1. R-D optimized DXTC. Sticking with DXT encoding, this is certainly the right way to make DXTC smaller. I've been dancing around this idea for a while, but it wasn't until CRUNCH came out that it really clicked.
Imagine you're doing something like DXT1 + LZ. The DXT1 creates a 4 bpp (bits per pixel) output, and the LZ makes it smaller, maybe to 2-3 bpp. But, depending on what you do in your DXT1, you get different output sizes. For example, obviously, if you make a solid color block that has all indices of 0, then that will be smaller after LZ than a more complex block.
That is, we think of DXT1 as being a fixed size encoding, so the optimizers I wrote for it a while ago were just about optimizing quality. But with a back end, it's no longer a fixed size encoding - some choices are smaller than others.
So the first thing you can do is just to consider size (R) as well as quality (D) when making a choice about how to encode a block for DXTC. Often there are many ways of encoding the same data with only very tiny differences in quality, but they may have very different rates.
One obvious case is when a block only has one or two colors in it, the smallest encoding would be to just send those colors as the end points, then your indices are only 0 or 1 (selecting the ends). Often a better quality encoding can be found by sending the end point colors outside the range of the block, and using indices 2 and 3 to select the interpolated 1/3 and 2/3 points.
Even beyond that you might want to try encodings of a block that are definitely "bad" in terms of quality, eg. sending a solid color block when the original data was not solid color. This is intentionally introducing loss to get a lower bit rate.
The correct way to do this is with an R-D optimized encoder. The simplest way to do that is using lagrange multipliers and optimizing the cost J = R + lambda * D.
There are various difficulties with this in practice; for one thing exposing lambda is unintuitive to clients. Another is that (good) DXTC encoding is already quite slow, so making the optimization metric be J instead of D makes it even slower. Many simple back-end coders (like LZ) are hard to measure R for a single block for. And adaptive back-ends make parallel DXTC solvers difficult.
2. More generally we should ask why are we stuck with trying to optimize DXTC? I believe the answer is the preferred way that DXTC is treated by current hardware. How could we get away from that?

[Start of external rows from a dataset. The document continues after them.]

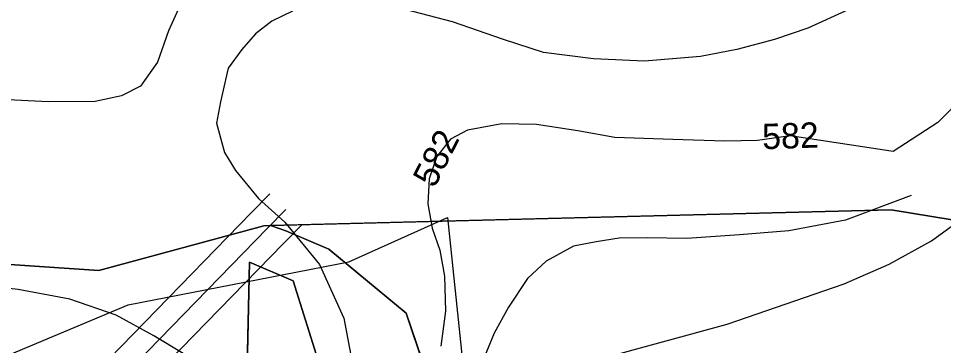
# Model space of a CAD drawing. Extents: x -709418 to -703832, y -1161719 to -1157826.
# Drawn here: x -706007.3 to -705715.8, y -1159236.4 to -1159133.3 of the extents above; entities that cross this region are included whole.
import ezdxf

# ---------------------------------------------------------------- set-up
doc = ezdxf.new("R2010")
doc.units = 0
for name, color, linetype in [('102_obvod PÚ', 7, 'Continuous'), ('103_hranice KÚ', 7, 'Continuous'), ('120_vrstevnice hlavní', 7, 'Continuous'), ('121_vrstevnice hlavní_popis', 7, 'Continuous'), ('122_vrstevnice základní', 7, 'Continuous'), ('124_vrstevnice doplňková', 7, 'Continuous'), ('206_TTP_KN', 7, 'Continuous'), ('207_lesní pozemek_KN', 7, 'Continuous'), ('514 odvodnění - LPIS', 7, 'Continuous'), ('708_el NN nadzemní a podzemní_ E.ON', 7, 'Continuous'), ('735_OP sítí TI', 7, 'Continuous')]:
    doc.layers.add(name, color=color, linetype=linetype)

msp = doc.modelspace()

# ---------------------------------------------------------------- linework, layer by layer
at = {"layer": '102_obvod PÚ'}
msp.add_lwpolyline([(-706044.43, -1159208.57), (-705981.99, -1159212.78), (-705930.01, -1159198.72), (-705927.86, -1159198.62), (-705732.21, -1159193.61), (-705680.34, -1159202.12)], dxfattribs=at)
at = {"layer": '103_hranice KÚ'}
msp.add_lwpolyline([(-705680.34, -1159202.12), (-705732.21, -1159193.61), (-705919.14, -1159198.4), (-705927.86, -1159198.62), (-705930.01, -1159198.72), (-705981.99, -1159212.78), (-706044.43, -1159208.57), (-706080.07, -1159188.89), (-706110.25, -1159179.64), (-706116.44, -1159178.27), (-706133.13, -1159179.42), (-706152.12, -1159184.17), (-706177.67, -1159162.96), (-706192.12, -1159167.94), (-706215.77, -1159161.38), (-706231.79, -1159158.33), (-706252.27, -1159161.78), (-706262.2, -1159161.19), (-706313.3, -1159137.18), (-706346.78, -1159114.03)], dxfattribs=at)
at = {"layer": '120_vrstevnice hlavní'}
for points in [[(-705911.32, -1159280.49), (-705915.39, -1159278.85), (-705921.87, -1159273.51), (-705931.22, -1159260.27), (-705939.07, -1159252.87), (-705948.1, -1159244.26), (-705955.44, -1159238.91), (-705964.66, -1159233.39), (-705976.47, -1159226.8), (-705991.17, -1159221.76), (-706007.43, -1159218.77), (-706023.18, -1159216.97), (-706044.71, -1159212.98), (-706057.2, -1159208.98), (-706067.96, -1159202.41), (-706076.99, -1159194.86), (-706089.95, -1159181.95), (-706106.32, -1159167.99), (-706122.53, -1159156.1), (-706176.41, -1159124.39)], [(-705920.89, -1159130.94), (-705927.42, -1159134.16), (-705932.58, -1159138.07), (-705936.88, -1159143.02), (-705941.19, -1159148.99), (-705943.64, -1159159.6), (-705944.88, -1159166.27), (-705942.35, -1159175.54), (-705938.96, -1159181.2), (-705931.66, -1159190.07), (-705923.38, -1159197.5), (-705912.38, -1159210.82), (-705904.76, -1159227.81), (-705902.26, -1159241.18), (-705903.19, -1159256.08), (-705905.49, -1159270.8), (-705907.92, -1159277.81), (-705909.71, -1159280.39)], [(-705745.61, -1159130.43), (-705758.56, -1159136.34), (-705769.02, -1159139.89), (-705780.86, -1159143.08), (-705792.34, -1159145.25), (-705809.99, -1159146.78), (-705826.09, -1159146.02), (-705841.83, -1159144.05), (-705854.49, -1159139.88), (-705870.56, -1159134.3), (-705885.44, -1159130.45)]]:
    msp.add_lwpolyline(points, dxfattribs=at)
at = {"layer": '122_vrstevnice základní'}
for points in [[(-705955.32, -1159126.68), (-705960.03, -1159137.18), (-705963.5, -1159147.1), (-705968.85, -1159154.61), (-705974.87, -1159157.67), (-705983.1, -1159159.51), (-705997.84, -1159159.61), (-706012.74, -1159158.85), (-706022.68, -1159159.15), (-706028.34, -1159158.78), (-706036.38, -1159156.68), (-706050.99, -1159149.28), (-706085.74, -1159127.54)], [(-705709.16, -1159157.55), (-705717.59, -1159166.06), (-705731.65, -1159175.24), (-705764.1, -1159170.3), (-705774.4, -1159171.73), (-705784.7, -1159172.01), (-705801.06, -1159171.4), (-705819.38, -1159170.8), (-705831, -1159168.69), (-705844, -1159166.74), (-705854.96, -1159166.52), (-705865.83, -1159168.49), (-705871.15, -1159171.37), (-705875.45, -1159176.83), (-705877.89, -1159183.84), (-705878.27, -1159191.71), (-705876.94, -1159199.42), (-705874.55, -1159206.38), (-705873.05, -1159214.6), (-705872.76, -1159225.56), (-705874.16, -1159236.6)], [(-705872.14, -1159294.88), (-705870.29, -1159286.75), (-705865.44, -1159274.63), (-705858.72, -1159265.08), (-705851.31, -1159255.36), (-705842.04, -1159248.4), (-705832.78, -1159243.65), (-705824.72, -1159240.78), (-705783.97, -1159229.69), (-705747.1, -1159217), (-705732.87, -1159210.74), (-705719.49, -1159203.45), (-705705.95, -1159193.52)]]:
    msp.add_lwpolyline(points, dxfattribs=at)
at = {"layer": '124_vrstevnice doplňková'}
msp.add_lwpolyline([(-705725.91, -1159189.13), (-705746.65, -1159196.9), (-705764.47, -1159200.23), (-705780.05, -1159201.52), (-705796.64, -1159202.68), (-705809.13, -1159202.45), (-705818.03, -1159202.58), (-705825.23, -1159203.74), (-705832.42, -1159205.07), (-705841, -1159209.82), (-705846.85, -1159215.27), (-705852.88, -1159224.31), (-705857.37, -1159232.5), (-705862.22, -1159244.29), (-705868.46, -1159260.86)], dxfattribs=at)
at = {"layer": '206_TTP_KN'}
for p, q in [((-705927.86, -1159198.62), (-705732.21, -1159193.61)), ((-705732.21, -1159193.61), (-705680.34, -1159202.12)), ((-705923.04, -1159200.26), (-705927.86, -1159198.62)), ((-705909.51, -1159206.01), (-705923.04, -1159200.26)), ((-705885.13, -1159226.22), (-705909.51, -1159206.01)), ((-705870.43, -1159269.46), (-705885.13, -1159226.22))]:
    msp.add_line(p, q, dxfattribs=at)
for points in [[(-706044.43, -1159208.57), (-705981.99, -1159212.78), (-705930.01, -1159198.72), (-705927.86, -1159198.62), (-705923.04, -1159200.26), (-705909.51, -1159206.01), (-705885.13, -1159226.22), (-705870.43, -1159269.46), (-705873.26, -1159314.73), (-705872.26, -1159352.55), (-705875.66, -1159340.81), (-705885.23, -1159315.13), (-705883.08, -1159289.91), (-705887.72, -1159264.42), (-705913.62, -1159263.09), (-705965.07, -1159270.08), (-705994.54, -1159270.79), (-706026.1, -1159306.74)], [(-705935.28, -1159243.55), (-705929.01, -1159254.91), (-705921.74, -1159258.27), (-705914.6, -1159253.2), (-705912.92, -1159240.82), (-705920.77, -1159215.99), (-705934.47, -1159210.14), (-705935.28, -1159243.55)]]:
    msp.add_lwpolyline(points, dxfattribs=at)
at = {"layer": '207_lesní pozemek_KN'}
for p, q in [((-705935.28, -1159243.55), (-705934.47, -1159210.14)), ((-705934.47, -1159210.14), (-705920.77, -1159215.99)), ((-705920.77, -1159215.99), (-705912.92, -1159240.82))]:
    msp.add_line(p, q, dxfattribs=at)
at = {"layer": '514 odvodnění - LPIS'}
msp.add_lwpolyline([(-706013.42, -1159240.57), (-705972.72, -1159223.59), (-705903.2, -1159210), (-705872.08, -1159196), (-705856.8, -1159342.91), (-705816.39, -1159382.97), (-705884.59, -1159400.56), (-705887.17, -1159444.28), (-705898.86, -1159471.82), (-705898.18, -1159492.12), (-705844.9, -1159501.19), (-705815.12, -1159494.2), (-705796.03, -1159508.47), (-705795.12, -1159533.4), (-705833.3, -1159552.97), (-705873.25, -1159615.85), (-705852.77, -1159626.96)], dxfattribs=at)
at = {"layer": '708_el NN nadzemní a podzemní_ E.ON'}
msp.add_lwpolyline([(-705998.69, -1159270.29), (-705996.6, -1159269.07), (-705928.93, -1159199.48), (-705923.07, -1159193.55)], dxfattribs=at)
at = {"layer": '735_OP sítí TI'}
for points in [[(-706002.22, -1159264.24), (-706000.95, -1159263.5), (-705933.93, -1159194.58), (-705928.04, -1159188.63)], [(-705995.17, -1159276.34), (-705992.25, -1159274.63), (-705923.93, -1159204.38), (-705918.09, -1159198.47)]]:
    msp.add_lwpolyline(points, dxfattribs=at)

# ---------------------------------------------------------------- texts
at = {"layer": '121_vrstevnice hlavní_popis'}
for rotation, p in [(1.7617, (-705772.81, -1159174.52)), (62.9651, (-705876.23, -1159187.04))]:
    msp.add_text('582', height=8, rotation=rotation, dxfattribs=at).set_placement(p)

doc.saveas('drawing.dxf')

I believe you could solve it by making the texture fetch more programmable. Currently texture fetch (and decode) is one of the few bits of GPU's that still totally fixed function. DXTC encoded blocks are fetched and decoded into a special cache on the texture unit. This means that DXTC compressed textures can be directly rendered from, and also that rendering with DXTC compressed textures is actually faster than rendering from RGB textures due to the decreased memory bandwidth needs.
What we want is future hardware to make this part of the pipeline programmable. One possibility is like this : Give the texture unit its own little cache of RGB 4x4 blocks that it can fetch from. When you try to read a bit of texture that's not in the cache, it runs a "texture fetch shader" similar to a pixel shader or whatever, which outputs a 4x4 RGB block. So for example a texture fetch shader could decode DXTC. But it could also decode JPEG, or whatever.